Still, letting Catrine leave his South Jersey hometown, Delanco, to attend Montclair State University in North Jersey in 2022 was "nerve-wracking," Borden said.

"I raised him to be able to talk about his own illness, take care of himself, but I was always there to basically run the show," Borden said.

Without his mother to monitor his weekly infusions, as a busy college student, Catrine said he "started pushing it, trying to go maybe two, three weeks without doing my medicine."

He had two severe bleeds early in college: one when he got bumped playing football outside his dorm and another from an ankle injury he sustained while playing basketball with friends.

But then Catrine found out he was a candidate at CHOP for gene therapy – a treatment that he credits with transforming his life.

What is hemophilia and how is it treated?

Hemophilia, which has no cure, has two main types that differ based on deficiencies of specific proteins needed to help the blood clot. Hemophilia A is three to four times more common than hemophilia B. Their severity is based on the level of protein deficiency.

Worldwide, only about 840,000 people are living with hemophilia. They're mostly men, who aregenetically more predisposed to the disorder than women.

But just because hemophilia is rare doesn't mean it is "less clinically impactful" than other chronic illnesses, said Dr. Ben Samelson-Jones, a hematologist who treated Catrine at CHOP.

"In hematology, we care for these patients, and we want to work on helping them live with their disease and mitigating the consequences of what they have, even if few people have it," Samelson-Jones said.

Repeated bleeds, which are often internal, can cause long-term damage to joints and other body functions. Brain bleeds can be fatal.

Hemophilia can be managed with infusions of blood clotting proteins, in response to bleeds or prophylactically to help prevent bleeds.

Gene therapy for hemophilia – a relatively new treatment that CHOP has been at the forefront of developing – can eliminate the need for regular infusions. It uses viral vectors – viruses that have been altered to remove their disease-causing potential – to replace a defective gene with a working gene needed to improve blood clotting.

"After you get the gene therapy, you inevitably make an immune response against it, so you can only really get it one time," Samelson-Jones said. "It's not like, if it doesn't work in 2025, you can say, 'OK. I'll see what happens, and maybe in a couple years, I'll try something new.'

"It's not brain surgery," Samelson-Jones added. "But it has a lot of moving pieces that have to all fit together, and if something's not working, you don't get a second chance for that patient."

Domenic Catrine FamilyProvided Image/Borden Family

Domenic Catrine (top left) poses with his family (left to right): Ella, Brianna and Regire.

'All our prayers were answered'

Catrine, who received gene therapy at CHOP in 2024, responded well to the treatment. He has gone from having severe hemophilia B to having mild hemophilia. That means Catrine is no longer at risk for spontaneous bleeds or bleeds from minor trauma.

He doesn't have to deal anymore with the hassle and discomfort of weekly infusions, made painful by scarring from repeated injections through the years.

Catrine said he is more physically active. He even – somewhat to the chagrin of his doctors – recently went jet-skiing and rode ATVs.

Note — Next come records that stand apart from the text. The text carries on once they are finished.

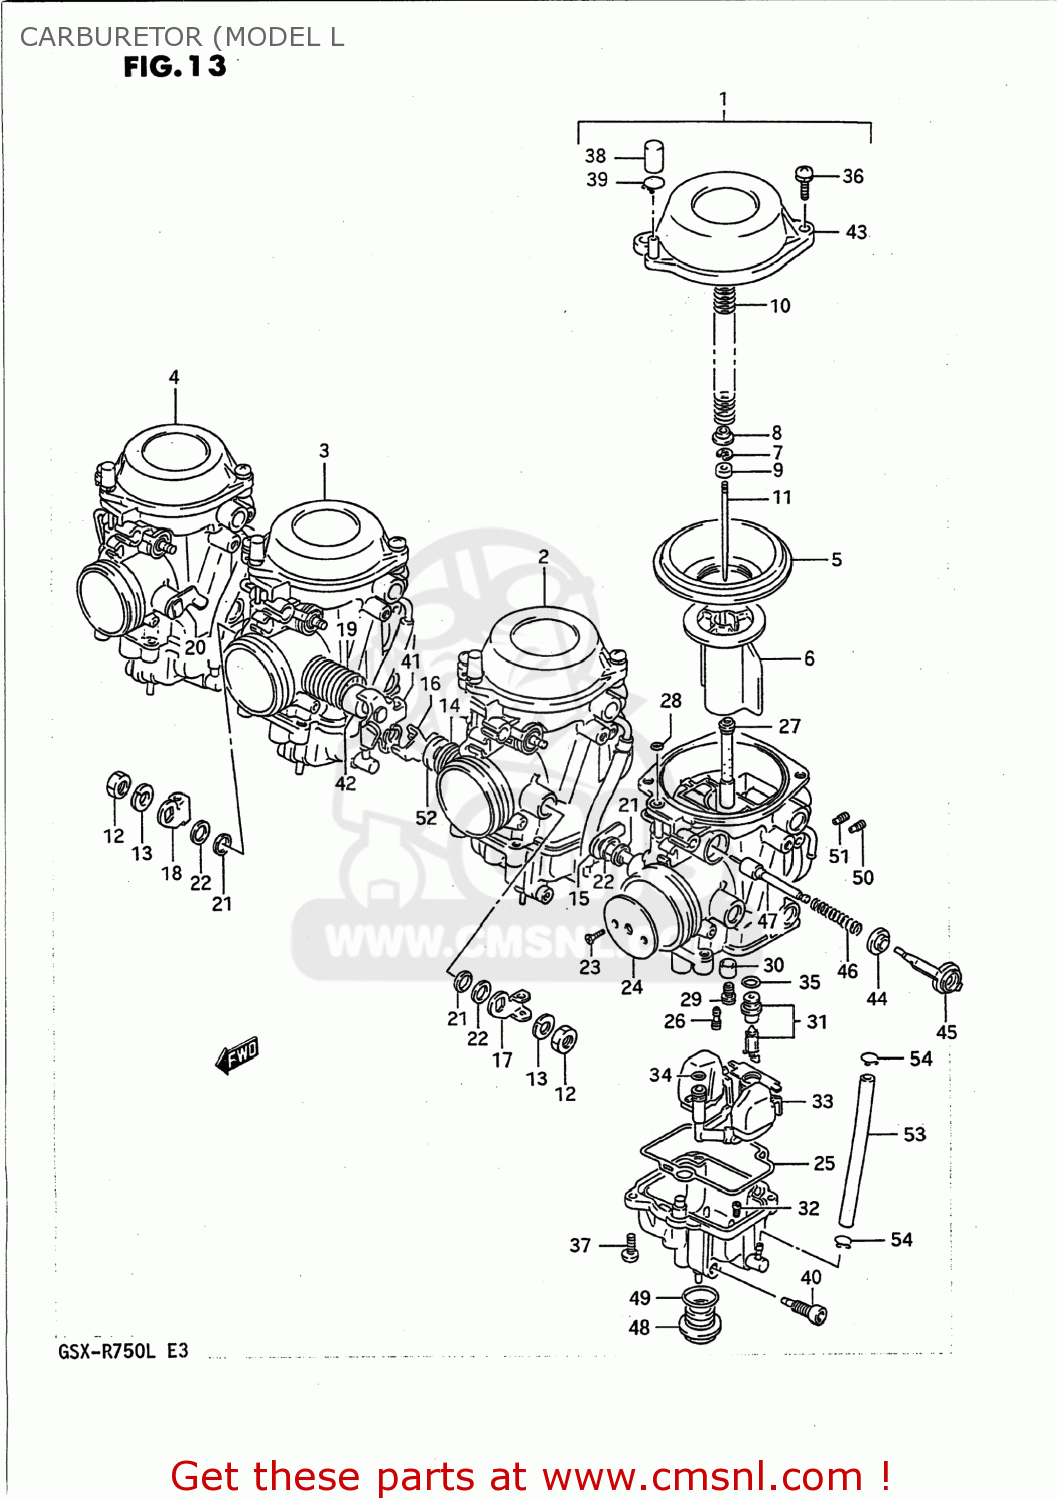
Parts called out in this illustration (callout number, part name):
1	CARBURETOR ASSEMBLY,LEFT
2	CARBURETOR ASSEMBLY,MIDDLE,LEFT
3	CARBURETOR ASSEMBLY,MIDDLE,RIGHT
4	CARBURETOR ASSEMBLY,RIGHT
5	DIAPHRAGM
6	VALVE,PISTON
7	CLIP,NEEDLE
8	WASHER
9	RING
10	SPRING
11	NEEDLE,JET
12	NUT
13	WASHER,LOCK,8.
14	SPRING
15	SHAFT ASSEMBLY
16	SHAFT ASSEMBLY
17	LEVER
18	LEVER,THROTTLE
19	SPRING
20	SHAFT ASSEMBLY
21	SEAL
22	GASKET,THROTTLE SHAFT (NAS)
23	SCREW
24	VALVE,THROTTLE
25	GASKET,FLOAT CHAMBER (NAS)
26	JET,PILOT(32.5)
27	JET,NEEDLE(O-8)
28	O RING
29	JET,MAIN(127.5)
30	RING
31	VALVE ASSEMBLY,NEEDLE
32	PLUG
33	FLOAT ASSY
34	O RING
35	O-RING,NEEDLE VALVE
36	SCREW
37	SCREW
38	CAP
39	CLIP
40	PLUG
41	SHAFT ASSEMBLY
42	RING
43	COVER,DIAPHRAGM
44	CAP,STARTER
45	HOLDER,GUIDE
46	SPRING
47	PLUNGER ASSY
48	SCREW,GUIDE
49	O RING,DRAIN PLUG
50	JET,AIR(1.2)
51	JET,AIR(1.2)
52	RING
53	HOSE
54	CLIP

It has "really been a blessing, just to live my life more freely and not have the stress and worries about every bump and scrape being a bleed," Catrine said.

This "lifting of the mental toll of managing the hemophilia" is one of the benefits of gene therapy that's "hard to capture scientifically," Samelson-Jones said.

If Catrine had a major accident or needed to have surgery, he would have to be treated with clotting factor infusions again. But Catrine's clotting factor levels should stay in a healthy range for at least the next 5 to 10 years and maybe longer, Samelson-Jones said.

"It was just like all our prayers were answered," Borden said. "It's not a cure, but it's probably the next closest thing that you could hope for, for somebody who dealt with what (Catrine) has had to deal with."